A.J. Burnham, the lone survivor of the families and husband to Alice May, was consumptive and lived at the Woodmen sanatorium a dozen miles away, where he was a yardman. When police brought him to the house to show him the bodies, apparently he didn’t show the proper emotion and was savaged in the press and assumed to be the murderer. (I’m guessing the poor man was simply in shock.)
“If the officers and newspaper men present expected to see the man break down at the sight, they were disappointed. Burnham, to all appearances, was the least affected of any of those who stood in the little room. If his face blanched at the sight, it was not detected. If a tear dropped from his eye, it fell unnoticed. If his hand trembled or an eyelid twitched, no one saw it,” the reporter wrote.
It’s often the husband who did it, right? Not so fast.
Workers at the sanatorium accounted for Burnham’s whereabouts and told police there was no chance the sick man could have walked that far, committed the crimes and then walked back.
Nobody was arrested.
Thirteen years ago, retired Colorado Springs police investigator Dwight Haverkorn decided to look into ax murders from the West Coast to the Midwest.
After considering the data, he believes a serial killer was behind the Springs murders, which were eerily similar to others around the country within the same time frame. The perpetrator always used an ax procured from a nearby yard to effect a similar manner of death.

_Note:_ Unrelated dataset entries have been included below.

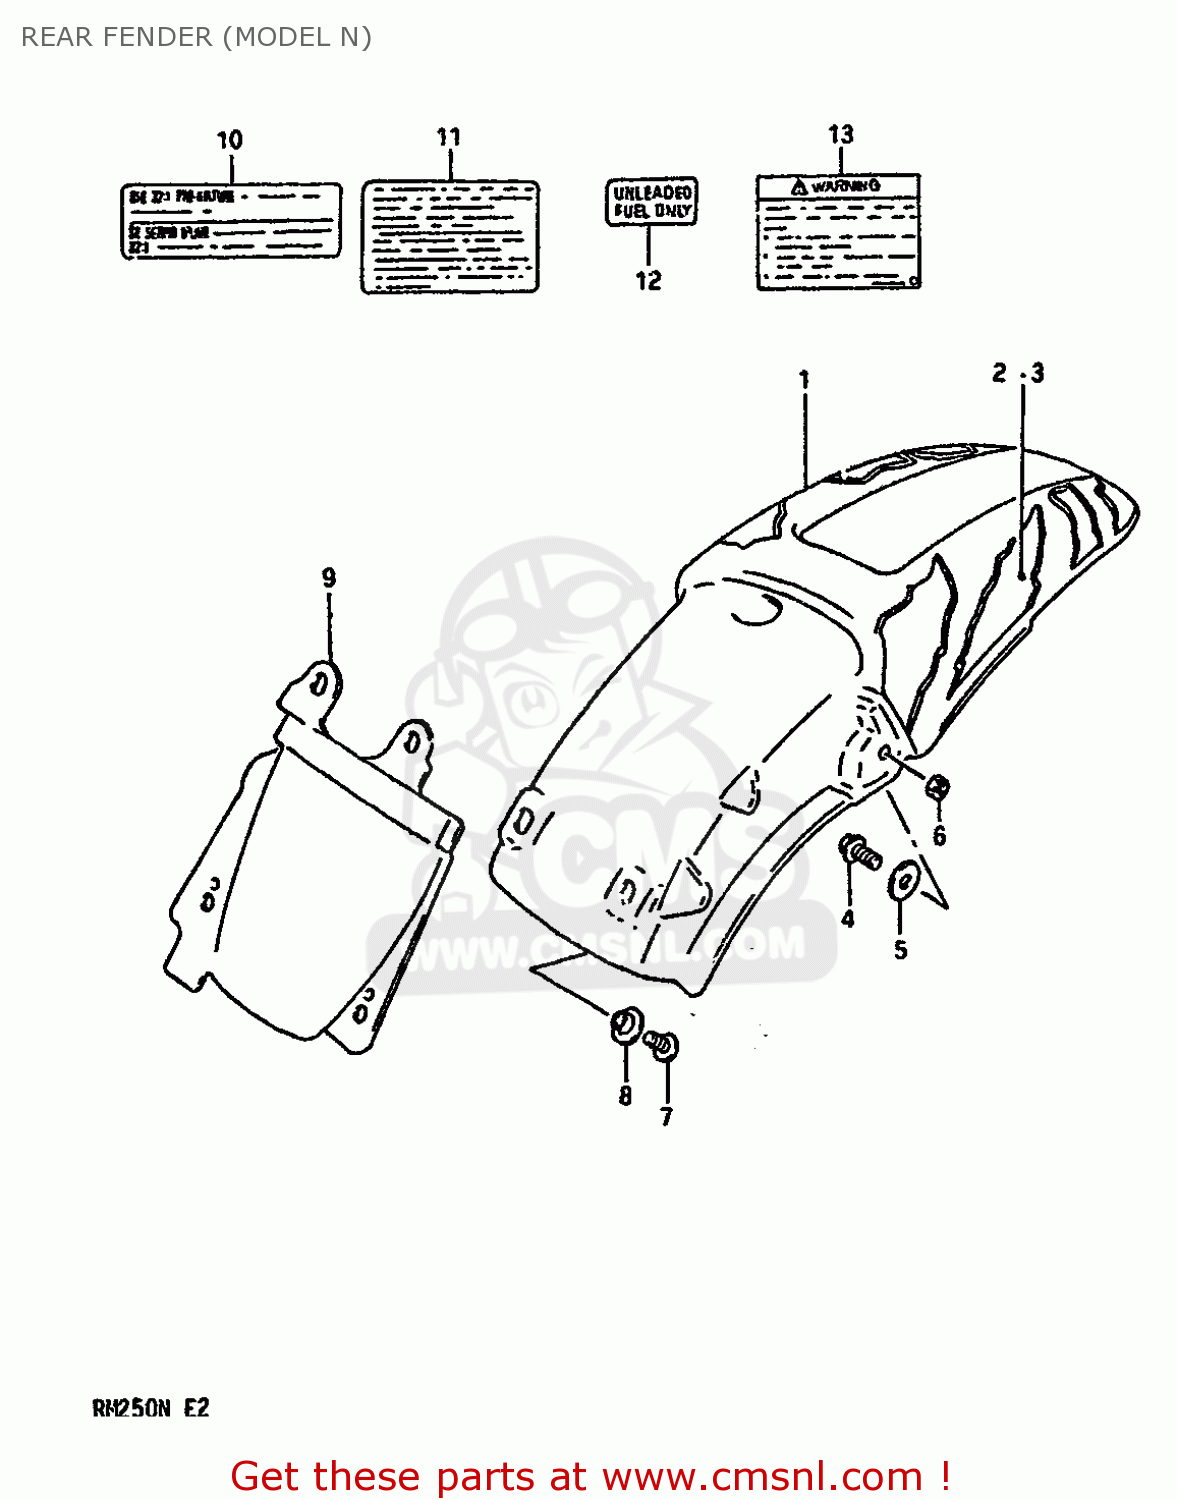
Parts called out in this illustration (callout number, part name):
1	BODY,RR FENDER
2	EMBLEM,FENDER RH
3	EMBLEM,FENDER LH
4	BOLT
5	WASHER (6.5X29X1.6)
6	NUT 6MM
7	SCREW
8	WASHER
9	MUD GUARD,REAR FENDER,FRONT
10	LABEL,WARNING
11	LABEL
12	LABEL,UNLEADED FUEL
13	LABEL
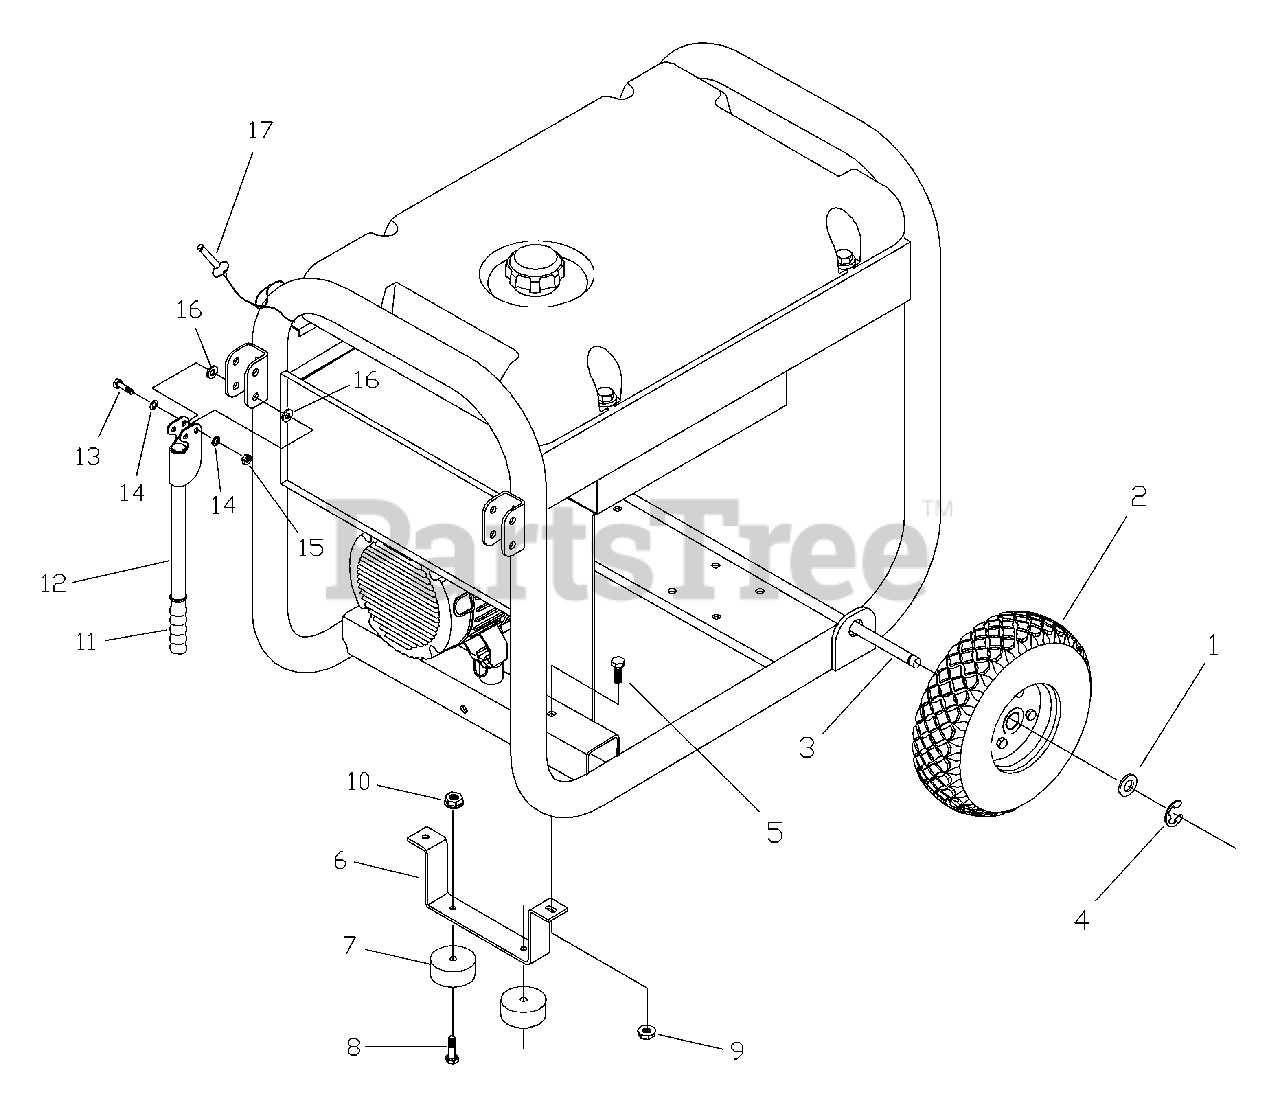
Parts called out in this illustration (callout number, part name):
3	AXLE, 5/8" x 24.80"
5	HHCS, M8 - 1.25 x 20 Lg.
6	ASSY, Bracket, Support w/ Vibe Mounts
7	MOUNT,Vibe
8	HHCS, 1/4 - 20 x 3/4 Lg.
9	NUT, M8 Flange Serrated
10	NUT, 1/4 - 20 Flange Nylok
11	GRIP, Handle
12	ASSY, Handle
15	NUT, M8 Nylok
16	WASHER, 1.2 x 0.346 x 0.03, Nylon
17	PIN, with Lanyard
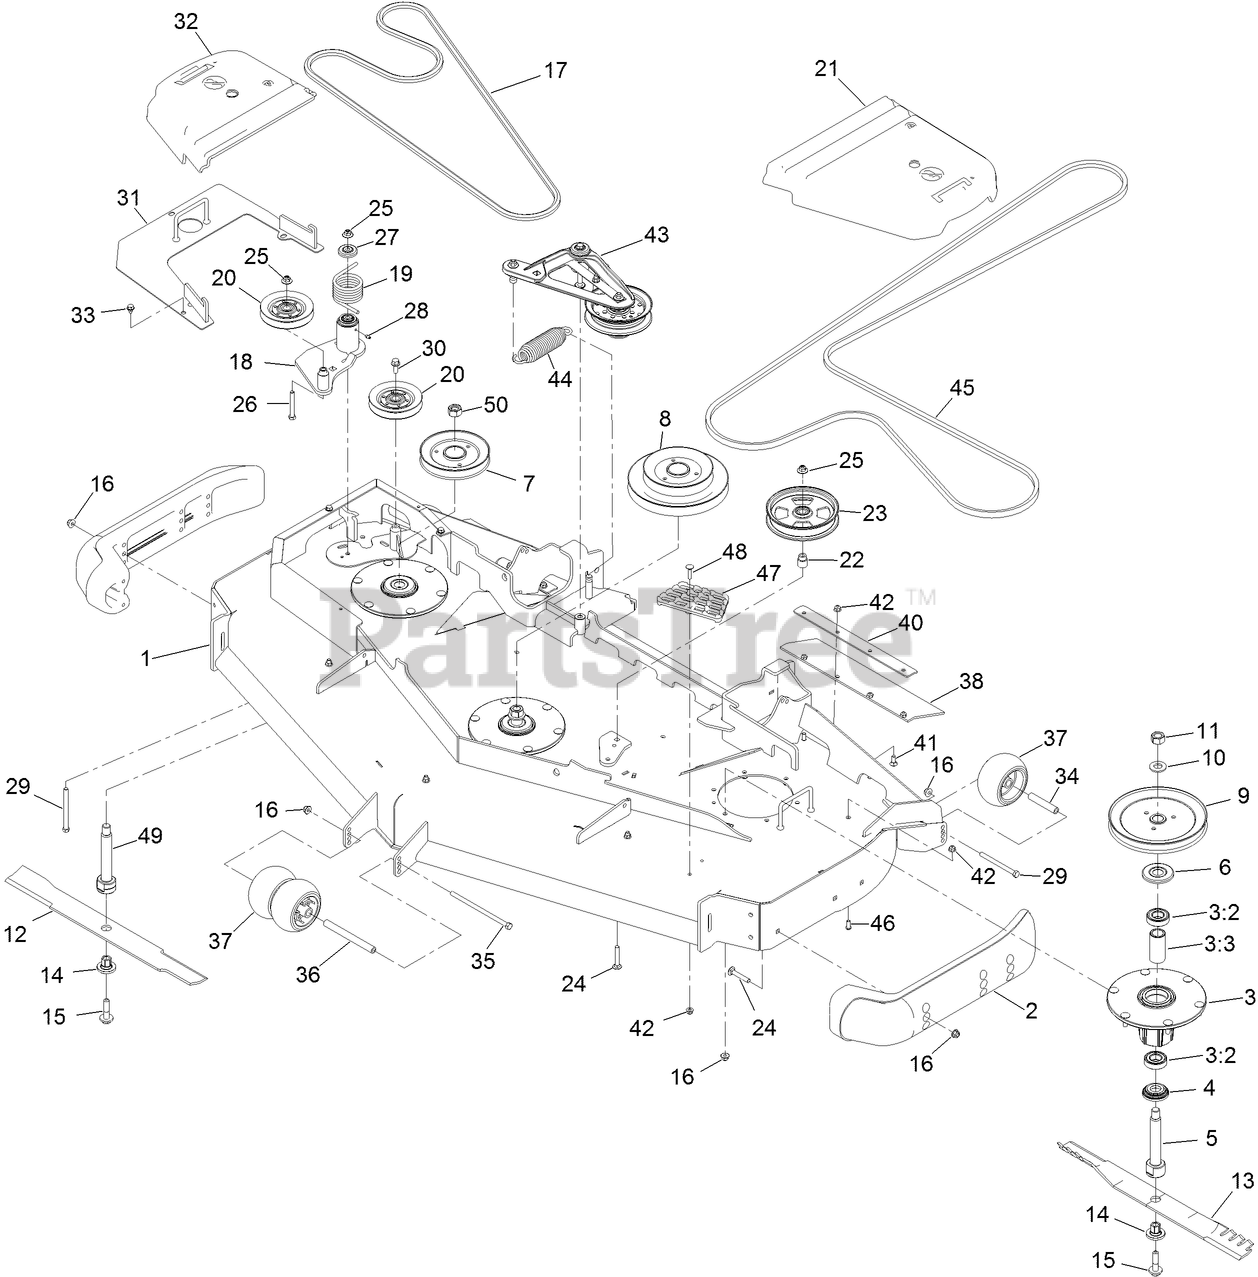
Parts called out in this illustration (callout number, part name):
1	DECK DECAL ASM
2	SKID-BUMPER, DECK
3	SPINDLE ASM
3:2	BEARING-BALL
3:3	SPACER-BEARING
4	GUARD-BOTTOM
5	SHAFT-SPINDLE
6	GUARD-BEARING, TOP
7	SHEAVE, DOUBLE BLADE DRIVE
8	SHEAVE, DOUBLE BLADE DRIVE
9	SHEAVE-DRIVE, BLADE
10	WASHER
11	NUT-HEX
12	BLADE-24.50 CR LOW FLOW
13	BLADE-24.50 ATOMIC
14	BUSHING-HEX
15	SCREW-SEMS
16	NUT-HF, NI
18	IDLER ASM
19	SPRING-TORSION
20	SHEAVE
21	COVER-BELT, LH
22	BUSHING-IDLER
23	PULLEY-IDLER, FLAT
24	SCREW-CARR
25	NUT-FLANGE, NI
26	SCREW-HH
27	GUARD-TOP
28	FITTING-GREASE
29	SCREW-HH
30	SCREW-HHF
31	COVER-REVERSE DRIVE
32	COVER-BELT, RH
33	SCREW
34	TUBE-SPANNER
35	SCREW-HH
36	SPACER-WHEEL
37	ROLLER-SCALP, ANTI
38	GUARD-TIRE
40	SUPPORT-OUTER FLAP
41	SCREW-CARR
42	NUT-HF, NI
43	DECK IDLER ASM
44	SPRING-EXTENSION
46	SCREW-HSBH
47	STEP-DECK
48	SCREW-CARR
49	SHAFT-SPINDLE, INT. HEX LH THD
50	NUT-HEX,LH,LOCK
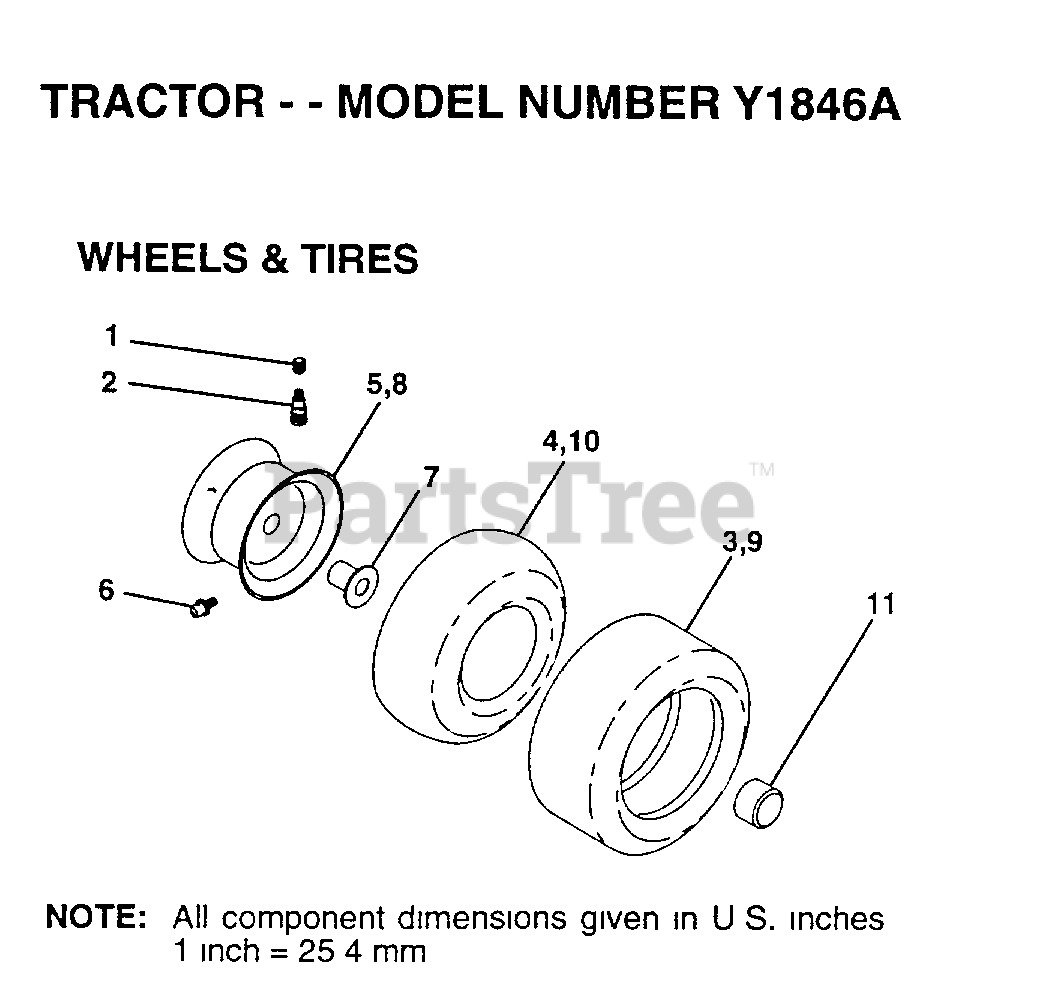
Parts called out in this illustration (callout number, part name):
1	VALVE CAP
2	VALVE STEM LT
4	TUBE.5.3/4.5/6
5	"RIM ASM 6"" FRT"
6	FITTING LT
7	"FLANGE, BEARING"
8	"RIM AS 8"" REAR"
9	TIRE.20X8-8
10	TUBE.18X9.5-8
11	HUB CAP

And all of the victims lived near the railway.
Haverkorn suspects the killer rode the rails from city to city, where he or she filled his or her bloody cup regularly.
“In those days, police departments didn’t investigate much; private detectives did,” Haverkorn says. “They took fingerprints. I’ve chased that for years. If I could find a fingerprint from any two scenes, it would prove my theory of being a serial killer. That’s where I’m stuck.”
I asked Haverkorn if he’d live in a house stained by a murderous act.
“It probably wouldn’t bother me,” he says.
One person it would bother is my aforementioned neighbor’s husband, Lance Burke, who moved into their home two decades ago. About once a month, he finds himself startled awake, as if somebody’s in the house, he says. He also claims to have seen shadowy figures out of the corner of his eye standing in the hallway and toward the back of the house.
“The first house he hit was the one behind us,” Burke says. “Maybe he came to this house first and nobody was home, so he went to the second house. It’s definitely freaky. I’m intuitive that way. Weird paranormal stuff happens to me.”
I’ve long believed events can leave a residue in a home. But I also think an energetic imprint can fade with time. Would I have bought my house 17 years ago if I had known about the murders? Yes. Would I have bought one of the crime-scene houses? It depends. If the murders had happened only 10 or 20 years ago, you couldn’t pay me to live in one. But if the murders had happened more than a century ago, perhaps I would — but only after a deep cleansing with a bale of sage and a blessing by energy healers.
Let the record show I’ve never experienced anything even faintly paranormal in my sweet, innocent casa. Hopefully its former inhabitants are resting in peace, and not bits and pieces.
But I can’t help but wonder if any malignant energy from the vicious crimes still lingers in the air.
Keith Winter, an energy healer with Christa Resources, has some thoughts. He’s one to call when utensils start floating off the counter or you hear garbled whispers echo through your bedroom in the dead of night. One of his first questions is if there’s been violence in the house.
“If somebody was killed in a house on your street and the house is gone, that presence can still be there,” Winter says.
“Not everybody crosses over and goes to God. Sometimes they get caught in the astral plains and are confused. Sometimes when they’re killed violently and abruptly, they don’t know they’re dead.”
Chances are good we’ll never know who killed those six people more than a century ago, but if their spirits are still hanging around, may they find some peace knowing their story has been told once again.